Task prompt - Whenever a line in the entries includes the word "contexts", copy that line out.

Recorded data -
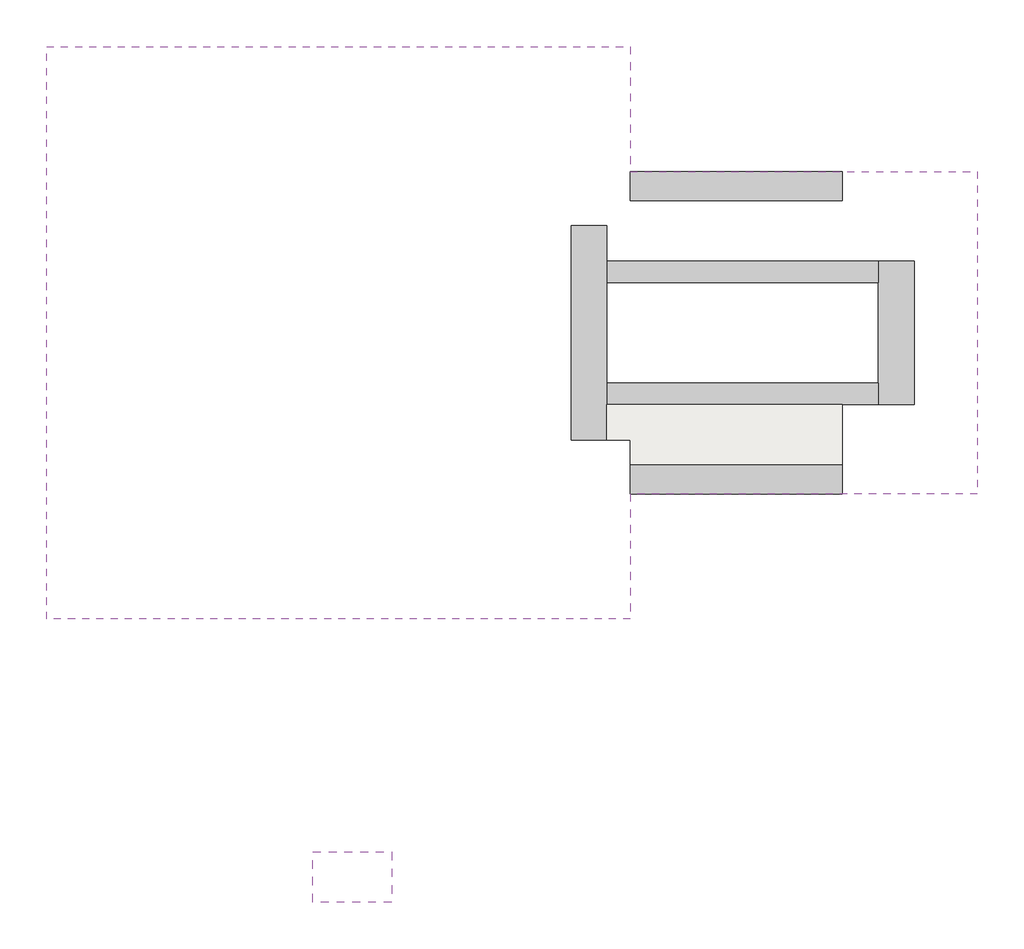
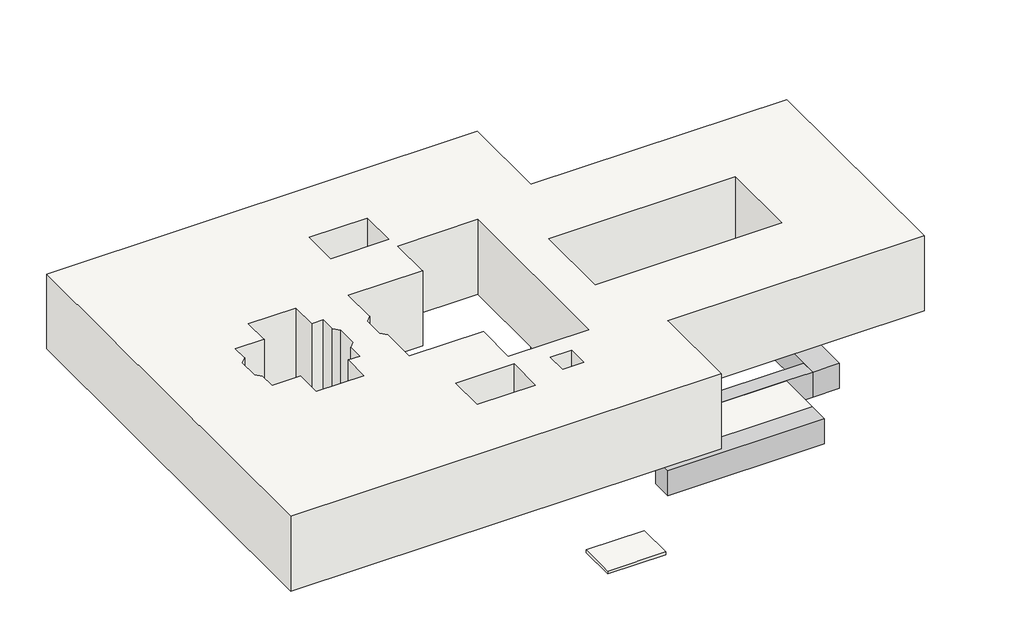
# One storey: 6 beams, 3 slabs.
"""IFC4 building model written with IfcOpenShell, lengths in millimetres."""

from ifc_helpers import new_model, si_unit, frame, origin, place, context, project, spatial, polyline, outline, extrude, faceted_brep, element, save

model = new_model("IFC4")

# Units and contexts
model_context = context("Model", 3, world=origin())
ifc_project = project(units=[si_unit("LENGTHUNIT", "METRE", prefix="MILLI")], contexts=[model_context])

# Site, building, storey
site = spatial("IfcSite", under=ifc_project)
building = spatial("IfcBuilding", under=site)
storey = spatial("IfcBuildingStorey", under=building, Name="T.O.C(MEZZ)", Elevation=7000.0)

# Beams
placement = place(None, origin())
element("IfcBeam", 1, ObjectType="Concrete-Rectangular-Beam : BM111_1000x1000_MG1", at=placement, inside=storey, context=model_context, shape_type="Brep", body=[
    faceted_brep([(15650.0, 8999.5208589, 7000.0), (16650.0, 8999.5208589, 7000.0), (16650.0, 9999.5208589, 7000.0), (16650.0, 10599.5208589, 7000.0), (16650.0, 13399.5208589, 7000.0), (16650.0, 13999.5208589, 7000.0), (16650.0, 14999.5208589, 7000.0), (15650.0, 14999.5208589, 7000.0), (15650.0, 8999.5208589, 6000.0), (15650.0, 14999.5208589, 6000.0), (16650.0, 8999.5208589, 6000.0), (16650.0, 14999.5208589, 6000.0), (16650.0, 13999.5208589, 6000.0), (16650.0, 13399.5208589, 6000.0), (16650.0, 10599.5208589, 6000.0), (16650.0, 9999.5208589, 6000.0), (16650.0, 8999.5208589, 6500.0)], [[[0, 1, 2, 3, 4, 5, 6, 7]], [[8, 0, 7, 9]], [[10, 8, 9, 11, 12, 13, 14, 15]], [[1, 16, 10, 15, 14, 13, 12, 11, 6, 5, 4, 3, 2]], [[1, 0, 8, 10, 16]], [[6, 11, 9, 7]]]),
])
element("IfcBeam", 2, ObjectType="Concrete-Rectangular-Beam : BM111_1000x1000_MG1", at=placement, inside=storey, context=model_context, shape_type="Brep", body=[
    faceted_brep([(24230.0, 9999.5208589, 7000.0), (25230.0, 9999.5208589, 7000.0), (25230.0, 13999.5208589, 7000.0), (24230.0, 13999.5208589, 7000.0), (24230.0, 13399.5208589, 7000.0), (24230.0, 10599.5208589, 7000.0), (24230.0, 9999.5208589, 6000.0), (24230.0, 13999.5208589, 6000.0), (24230.0, 13399.5208589, 6000.0), (24230.0, 10599.5208589, 6000.0), (25230.0, 9999.5208589, 6000.0), (25230.0, 13999.5208589, 6000.0)], [[[0, 1, 2, 3, 4, 5]], [[6, 0, 5, 4, 3, 7, 8, 9]], [[10, 6, 9, 8, 7, 11]], [[1, 10, 11, 2]], [[1, 0, 6, 10]], [[3, 2, 11, 7]]]),
])
element("IfcBeam", 3, ObjectType="Concrete-Rectangular-Beam : BM111_600x1000_MB1", at=placement, inside=storey, context=model_context, shape_type="Brep", body=[
    faceted_brep([(24230.0, 9999.5208589, 7000.0), (24230.0, 10599.5208589, 7000.0), (16650.0, 10599.5208589, 7000.0), (16650.0, 9999.5208589, 7000.0), (23229.9642165, 9999.5208589, 7000.0), (24230.0, 9999.5208589, 6000.0), (16650.0, 9999.5208589, 6500.0), (16650.0, 9999.5208589, 6000.0), (24230.0, 10599.5208589, 6000.0), (16650.0, 10599.5208589, 6000.0)], [[[0, 1, 2, 3, 4]], [[5, 0, 4, 3, 6, 7]], [[8, 5, 7, 9]], [[1, 8, 9, 2]], [[1, 0, 5, 8]], [[3, 2, 9, 7, 6]]]),
])
element("IfcBeam", 4, ObjectType="Concrete-Rectangular-Beam : BM111_600x1000_MB1", at=placement, inside=storey, context=model_context, shape_type="SweptSolid", body=[
    extrude(outline(polyline([(24230.0, 13999.5208589), (24230.0, 13399.5208589), (16650.0, 13399.5208589), (16650.0, 13999.5208589), (24230.0, 13999.5208589)])), frame((0.0, 0.0, 6000.0), z_axis=(0.0, 0.0, 1.0), x_axis=(1.0, 0.0, 0.0)), (0.0, 0.0, 1.0), 1000.0),
])
element("IfcBeam", 5, ObjectType="Concrete-Rectangular-Beam : BM111_800x1000_MG2", at=placement, inside=storey, context=model_context, shape_type="Brep", body=[
    faceted_brep([(23229.9642165, 7499.5208589, 7000.0), (23229.9642165, 8299.5208589, 7000.0), (17299.9642165, 8299.5208589, 7000.0), (17299.9642165, 7499.5208589, 7000.0), (23229.9642165, 7499.5208589, 6000.0), (17299.9642165, 7499.5208589, 6000.0), (23229.9642165, 8299.5208589, 6000.0), (17299.9642165, 8299.5208589, 6000.0), (23229.9642165, 8299.5208589, 6500.0)], [[[0, 1, 2, 3]], [[4, 0, 3, 5]], [[6, 4, 5, 7]], [[1, 8, 6, 7, 2]], [[2, 7, 5, 3]], [[1, 0, 4, 6, 8]]]),
])
element("IfcBeam", 6, ObjectType="Concrete-Rectangular-Beam : BM111_800x1000_MG2", at=placement, inside=storey, context=model_context, shape_type="SweptSolid", body=[
    extrude(outline(polyline([(23230.0, 16499.5208589), (23230.0, 15699.5208589), (17300.0, 15699.5208589), (17300.0, 16499.5208589), (23230.0, 16499.5208589)])), frame((0.0, 0.0, 6000.0), z_axis=(0.0, 0.0, 1.0), x_axis=(1.0, 0.0, 0.0)), (0.0, 0.0, 1.0), 1000.0),
])

# Slabs
element("IfcSlab", 7, ObjectType="CFS11_ROOF WATERPROOFING SYSTEM)", at=placement, inside=storey, context=model_context, shape_type="SweptSolid", body=[
    extrude(outline(polyline([(10638.4707406, -2508.5897214), (10638.4707406, -3908.5897214), (8438.4707406, -3908.5897214), (8438.4707406, -2508.5897214), (10638.4707406, -2508.5897214)])), frame((0.0, 0.0, 12890.0), z_axis=(0.0, 0.0, 1.0), x_axis=(1.0, 0.0, 0.0)), (0.0, 0.0, 1.0), 110.0),
])
element("IfcSlab", 8, ObjectType="MF00_3000", at=placement, inside=storey, context=model_context, shape_type="SweptSolid", body=[
    extrude(outline(polyline([(17299.9642165, 19999.5208589), (17299.9642165, 16499.5208589), (26999.9642165, 16499.5208589), (26999.9642165, 7499.5208589), (17299.9642165, 7499.5208589), (17299.9642165, 3999.5208589), (999.9642165, 3999.5208589), (999.9642165, 19999.5208589), (17299.9642165, 19999.5208589)]), holes=[polyline([(23333.9642165, 13519.5208589), (16273.9642165, 13519.5208589), (16273.9642165, 10479.5208589), (23333.9642165, 10479.5208589), (23333.9642165, 13519.5208589)]), polyline([(9504.9642165, 17509.5208589), (9504.9642165, 16109.5208589), (11704.9642165, 16109.5208589), (11704.9642165, 17509.5208589), (9504.9642165, 17509.5208589)]), polyline([(9504.9642165, 7889.5208589), (9504.9642165, 6489.5208589), (11704.9642165, 6489.5208589), (11704.9642165, 7889.5208589), (9504.9642165, 7889.5208589)]), polyline([(13725.9642165, 7619.5208589), (12925.9642165, 7619.5208589), (12925.9642165, 6819.5208589), (13725.9642165, 6819.5208589), (13725.9642165, 7619.5208589)]), polyline([(11769.9642165, 13999.5208589), (8962.9642165, 13999.5208589), (8962.9642165, 12599.5208589), (8762.9642165, 12399.5208589), (8762.9642165, 11599.5208589), (8962.9642165, 11399.5208589), (8962.9642165, 9999.5208589), (11769.9642165, 9999.5208589), (11769.9642165, 8369.5208589), (14799.9642165, 8369.5208589), (14799.9642165, 15629.5208589), (11769.9642165, 15629.5208589), (11769.9642165, 13999.5208589)]), polyline([(5307.9642165, 14229.5208589), (5307.9642165, 13199.5208589), (4222.9642165, 13199.5208589), (4222.9642165, 12599.5208589), (4022.9642165, 12399.5208589), (4022.9642165, 11599.5208589), (4222.9642165, 11399.5208589), (4222.9642165, 10799.5208589), (5307.9642165, 10799.5208589), (5307.9642165, 9769.5208589), (7107.9642165, 9769.5208589), (7107.9642165, 10799.5208589), (7542.9642165, 10799.5208589), (7542.9642165, 11399.5208589), (7742.9642165, 11599.5208589), (7742.9642165, 12399.5208589), (7542.9642165, 12599.5208589), (7542.9642165, 13199.5208589), (7107.9642165, 13199.5208589), (7107.9642165, 14229.5208589), (5307.9642165, 14229.5208589)])]), frame((0.0, 0.0, 10000.0), z_axis=(0.0, 0.0, 1.0), x_axis=(1.0, 0.0, 0.0)), (0.0, 0.0, 1.0), 3000.0),
])
element("IfcSlab", 9, ObjectType="MS1_200", at=placement, inside=storey, context=model_context, shape_type="SweptSolid", body=[
    extrude(outline(polyline([(16650.0, 8999.5208589), (16650.0, 9999.5208589), (23229.9642165, 9999.5208589), (23229.9642165, 8299.5208589), (17300.0, 8299.5208589), (17300.0, 8999.5208589), (16650.0, 8999.5208589)])), frame((0.0, 0.0, 6500.0), z_axis=(0.0, 0.0, 1.0), x_axis=(1.0, 0.0, 0.0)), (0.0, 0.0, 1.0), 500.0),
])

save(model, "model.ifc")

# Revit data of these elements
# Type "Concrete-Rectangular-Beam : BM111_1000x1000_MG1"
#   중앙부 하부근 = ""
#   중앙부 상부근 = ""
#   중앙부 보조근 = ""
#   중앙부 늑근 = ""
#   외단부 하부근 = ""
#   외단부 상부근 = ""
#   외단부 보조근 = ""
#   외단부 늑근 = ""
#   부호 = ""
#   내단부 하부근 = ""
#   내단부 상부근 = ""
#   내단부 보조근 = ""
#   내단부 늑근 = ""
#   ALL 하부근 = ""
#   ALL 상부근 = ""
#   ALL 보조근 = ""
#   ALL 늑근 = ""
#   Width = 1000 mm
#   Height = 1000 mm
#   Length [instance default] = 1524 mm
#   b = 1000 mm
#   h = 1000 mm
#   Structural Material [instance default] = 콘크리트 - 현장타설 콘크리트
#   hec_material3 [instance default] = none
#   hec_material2 [instance default] = none
#   hec_material1 [instance default] = none
#   Assembly Code = ""
# Type "Concrete-Rectangular-Beam : BM111_600x1000_MB1"
#   중앙부 하부근 = ""
#   중앙부 상부근 = ""
#   중앙부 보조근 = ""
#   중앙부 늑근 = ""
#   외단부 하부근 = ""
#   외단부 상부근 = ""
#   외단부 보조근 = ""
#   외단부 늑근 = ""
#   부호 = ""
#   내단부 하부근 = ""
#   내단부 상부근 = ""
#   내단부 보조근 = ""
#   내단부 늑근 = ""
#   ALL 하부근 = ""
#   ALL 상부근 = ""
#   ALL 보조근 = ""
#   ALL 늑근 = ""
#   Width = 600 mm
#   Height = 1000 mm
#   Length [instance default] = 1524 mm
#   b = 600 mm
#   h = 1000 mm
#   Structural Material [instance default] = 콘크리트 - 현장타설 콘크리트
#   hec_material3 [instance default] = none
#   hec_material2 [instance default] = none
#   hec_material1 [instance default] = none
#   Assembly Code = ""
# Type "Concrete-Rectangular-Beam : BM111_800x1000_MG2"
#   중앙부 하부근 = ""
#   중앙부 상부근 = ""
#   중앙부 보조근 = ""
#   중앙부 늑근 = ""
#   외단부 하부근 = ""
#   외단부 상부근 = ""
#   외단부 보조근 = ""
#   외단부 늑근 = ""
#   부호 = ""
#   내단부 하부근 = ""
#   내단부 상부근 = ""
#   내단부 보조근 = ""
#   내단부 늑근 = ""
#   ALL 하부근 = ""
#   ALL 상부근 = ""
#   ALL 보조근 = ""
#   ALL 늑근 = ""
#   Width = 800 mm
#   Height = 1000 mm
#   Length [instance default] = 1524 mm
#   b = 800 mm
#   h = 1000 mm
#   Structural Material [instance default] = 콘크리트 - 현장타설 콘크리트
#   hec_material3 [instance default] = none
#   hec_material2 [instance default] = none
#   hec_material1 [instance default] = none
#   Assembly Code = ""
# Type "CFS11_ROOF WATERPROOFING SYSTEM)"
#   Keynote = ""
#   Type Comments = "구조_콘크리트"
#   Function = 0
#   Layers, outside or top first: 60 mm "A04AP089-00001_Protective Concrete w/ Steel Trowel Finish" (function 4); 50 mm "22212-220641_Roof Insulation_thk50" (function 3); 0 mm "A04AP012-00001_PE Sheet (Vapor Barrier)_Roof" (function 100); 0 mm "A04AP000-00001_Roof_Waterproofing Membrane" (function 100)
# Type "MF00_3000"
#   Type Comments = "구조_콘크리트"
#   Layers, outside or top first: 3000 mm "14200-030101_Concrete Pouring" (function 1)
# Type "MS1_200"
#   Type Comments = "구조_콘크리트"
#   Layers, outside or top first: 500 mm "콘크리트" (function 1)
# Elements 1, 2 (IfcBeam, "Concrete-Rectangular-Beam : BM111_1000x1000_MG1")
#   Comments = ""
#   Structural Material = 콘크리트 - 현장타설 콘크리트
#   hec_material3 = none
#   hec_material2 = none
#   hec_material1 = none
#   Phase Created = New Construction
#   Materials on its faces: "콘크리트 - 현장타설 콘크리트"
# Elements 3, 4 (IfcBeam, "Concrete-Rectangular-Beam : BM111_600x1000_MB1")
#   Comments = ""
#   Structural Material = 콘크리트 - 현장타설 콘크리트
#   hec_material3 = none
#   hec_material2 = none
#   hec_material1 = none
#   Phase Created = New Construction
#   Materials on its faces: "콘크리트 - 현장타설 콘크리트"
# Elements 5, 6 (IfcBeam, "Concrete-Rectangular-Beam : BM111_800x1000_MG2")
#   Comments = ""
#   Structural Material = 콘크리트 - 현장타설 콘크리트
#   hec_material3 = none
#   hec_material2 = none
#   hec_material1 = none
#   Phase Created = New Construction
#   Materials on its faces: "콘크리트 - 현장타설 콘크리트"
# Element 7 (IfcSlab, "CFS11_ROOF WATERPROOFING SYSTEM)")
#   Comments = ""
#   TMP_Element Name = "SS2"
#   built-in parameter 1001955 = 1.5708 (stored number, unit not read)
#   Height Offset From Level = 0 mm
#   built-in parameter 1001954 = 1
#   Phase Created = New Construction
#   Materials on its faces: "A04AP000-00001_Roof_Waterproofing Membrane", "A04AP089-00001_Protective Concrete w/ Steel Trowel Finish"
# Element 8 (IfcSlab, "MF00_3000")
#   Comments = ""
#   Height Offset From Level = 0 mm
#   built-in parameter 1001954 = 1
#   Phase Created = New Construction
#   Materials on its faces: "14200-030101_Concrete Pouring"
# Element 9 (IfcSlab, "MS1_200")
#   Comments = ""
#   built-in parameter 1001955 = -1.5708 (stored number, unit not read)
#   Height Offset From Level = 0 mm
#   built-in parameter 1001954 = 1
#   Phase Created = New Construction
#   Materials on its faces: "콘크리트"
# Materials
#   "콘크리트 - 현장타설 콘크리트": class "콘크리트", colour RGB 192 192 192, transparency 0
#   "A04AP089-00001_Protective Concrete w/ Steel Trowel Finish": class "Concrete", colour RGB 176 176 176, transparency 0, Description = "Plain Conc.", W00) Work Master Code = "A04AP089-00001", W01) Work Master_Lv1 = "Finishing Work", W02) Work Master_Lv2 = "Roof Work", W03) Work Master_Spec.1 = "Protective Concrete w/ Steel Trowel Finish", Cost = 0
#   "22212-220641_Roof Insulation_thk50": class "Insulation", colour RGB 255 255 217, transparency 0, Description = "Insulation(Rigid)", W00) Work Master Code = "22212-220641", W01) Work Master_Lv1 = "Finishing Work", W02) Work Master_Lv2 = "Roof Work", W03) Work Master_Spec.1 = "Roof Insulation", W04) Work Master_Spec.2 = "Rigid Extruded Polystyrene Foam Insulation", W05) Work Master_Spec.3 = "THK=50mm", Cost = 0
#   "A04AP012-00001_PE Sheet (Vapor Barrier)_Roof": class "Finish", colour RGB 128 128 64, transparency 0, Description = "Plastic", W00) Work Master Code = "A04AP012-00001", W01) Work Master_Lv1 = "Finishing Work", W02) Work Master_Lv2 = "Roof Work", W03) Work Master_Spec.1 = "PE Sheet (Vapor Barrier)", Cost = 0
#   "A04AP000-00001_Roof_Waterproofing Membrane": class "Plastic", colour RGB 127 127 127, transparency 0, Description = "Exterior finish, roofing", W00) Work Master Code = "A04AP000-00001", W01) Work Master_Lv1 = "Finishing Work", W02) Work Master_Lv2 = "Roof Work", W03) Work Master_Spec.1 = "Waterproofing Membrane", W04) Work Master_Spec.2 = "EPDM(or Equivalent)", W05) Work Master_Spec.3 = "w/ Accessories", Cost = 0
#   "14200-030101_Concrete Pouring": class "Concrete", colour RGB 176 176 176, transparency 0, Description = "Reinf. Conc.", W00) Work Master Code = "14200-030101", W01) Work Master_Lv1 = "Concrete Work", W02) Work Master_Lv2 = "Building/Shelter Foundation Work", W03) Work Master_Spec.1 = "Concrete Pouring", W04) Work Master_Spec.2 = "F'c (Cylinder Strength) > 35MPa", W05) Work Master_Spec.3 = "Cement Type-1", Cost = 0
#   "콘크리트": class "*D 철근콘크리트공사", colour RGB 192 192 192, transparency 0, Keynote = "DF", Description = "콘크리트", Cost = 0
# Room, not placed, phase "New Construction", upper offset 0 mm, lower offset 0 mm
#   Comments = ""
#   Number = "19"
#   Name = ""
#   S01) Room Name = ""
#   S02) Room Number(Project) = ""
# Room, not placed, phase "New Construction", upper offset 0 mm, lower offset 0 mm
#   Comments = ""
#   Number = "128"
#   Name = ""
# Room, not placed, phase "New Construction", upper offset 0 mm, lower offset 0 mm
#   Comments = ""
#   Base Finish = "EXPOXY PAINT ON THK.15 CEMENT PLASTER(H=100)"
#   Ceiling Finish = "LATEX PAINT ON FAIR FACED CONC."
#   Wall Finish = "H=1.5M ACID RESISTANT PAINT ON THK.15 CEMENT PLASTER ABOVE 1.5M LATEXT PAINT ON THK. 15 CEMENT PLASTER"
#   Floor Finish = "ACID RESISTANT PAINT ON STEEL TROWELED CONC' SLAB"
#   Number = ""
#   Name = ""
#   F01) Building Name = "CENTRAL CONTROL BUILDING"
#   S01) Room Name = "BATTERY ROOM"
#   S02) Room Number(Project) = "UCA02R0002"
# Room, not placed, phase "New Construction", upper offset 0 mm, lower offset 0 mm
#   Comments = ""
#   Base Finish = "EXPOXY PAINT ON THK.15 CEMENT PLASTER(H=100)"
#   Ceiling Finish = "LATEX PAINT ON FAIR FACED CONC."
#   Wall Finish = "LATEX PAINT ON THK.15 CEMENT PLASTER + MASONRY WALL"
#   Floor Finish = "EPOXY PAINT ON STEEL TROWELED CONC. SLAB"
#   Number = ""
#   Name = ""
#   F01) Building Name = "CENTRAL CONTROL BUILDING"
#   S01) Room Name = "SWITCHGEAR ROOM"
#   S02) Room Number(Project) = "UCA02R0001"
# Room, not placed, phase "New Construction", upper offset 0 mm, lower offset 0 mm
#   Comments = ""
#   Base Finish = "EXPOXY PAINT ON THK.15 CEMENT PLASTER(H=100)"
#   Ceiling Finish = "LATEX PAINT ON FAIR FACED CONC."
#   Wall Finish = "LATEX PAINT ON THK.15 CEMENT PLASTER + MASONRY WALL"
#   Floor Finish = "EPOXY PAINT ON STEEL TROWELED CONC. SLAB"
#   Number = ""
#   Name = ""
#   F01) Building Name = "CENTRAL CONTROL BUILDING"
#   S01) Room Name = "ELECTRONIC ROOM"
#   S02) Room Number(Project) = "UCA03R0001"
# Room, not placed, phase "New Construction", upper offset 0 mm, lower offset 0 mm
#   Comments = ""
#   Base Finish = "EXPOXY PAINT ON THK.15 CEMENT PLASTER(H=100)"
#   Ceiling Finish = "LATEX PAINT ON FAIR FACED CONC."
#   Wall Finish = "LATEX PAINT ON THK.15 CEMENT PLASTER + MASONRY WALL"
#   Floor Finish = "EPOXY PAINT ON STEEL TROWELED CONC. SLAB"
#   Number = ""
#   Name = ""
#   F01) Building Name = "CENTRAL CONTROL BUILDING"
#   S01) Room Name = "ELECTRICAL ROOM"
#   S02) Room Number(Project) = "UCA03R0002"
# Room, not placed, phase "New Construction", upper offset 0 mm, lower offset 0 mm
#   Comments = ""
#   Base Finish = "RUBBER BASE(H=100)"
#   Ceiling Finish = "SUSPENDED MINERAL FIBERBOARD PANEL(GRID 600x600)"
#   Wall Finish = "LATEX PAINT ON THK.15 CEMENT PLASTER + MASONRY WALL"
#   Floor Finish = "PVC TILE W/ADHESIVE ON STEEL TROWELED CONC. SLAB"
#   Number = ""
#   Name = ""
#   F01) Building Name = "CENTRAL CONTROL BUILDING"
#   S01) Room Name = "CORRIDOR"
#   S02) Room Number(Project) = "UCA03R0003"
# Room, not placed, phase "New Construction", upper offset 0 mm, lower offset 0 mm
#   Comments = ""
#   Base Finish = "RUBBER BASE(H=100)"
#   Ceiling Finish = "LATEX PAINT ON FAIR FACED CONC."
#   Wall Finish = "LATEX PAINT ON THK.15 CEMENT PLASTER + MASONRY WALL"
#   Floor Finish = "PVC TILE W/ADHESIVE ON STEEL TROWELED CONC. SLAB"
#   Number = ""
#   Name = ""
#   F01) Building Name = "CENTRAL CONTROL BUILDING"
#   S01) Room Name = "STAIRWAY"
#   S02) Room Number(Project) = "UCA03R0004"
# Room, not placed, phase "New Construction", upper offset 0 mm, lower offset 0 mm
#   Comments = ""
#   Base Finish = "RUBBER BASE(H=100)"
#   Ceiling Finish = "LATEX PAINT ON FAIR FACED CONC."
#   Wall Finish = "LATEX PAINT ON THK.15 CEMENT PLASTER + MASONRY WALL"
#   Floor Finish = "PVC TILE W/ADHESIVE ON STEEL TROWELED CONC. SLAB"
#   Number = ""
#   Name = ""
#   F01) Building Name = "CENTRAL CONTROL BUILDING"
#   S01) Room Name = "STAIRWAY"
#   S02) Room Number(Project) = "UCA02R0003"

Result below -
# Units and contexts
ifc_project = project(units=[si_unit("LENGTHUNIT", "METRE", prefix="MILLI")], contexts=[model_context])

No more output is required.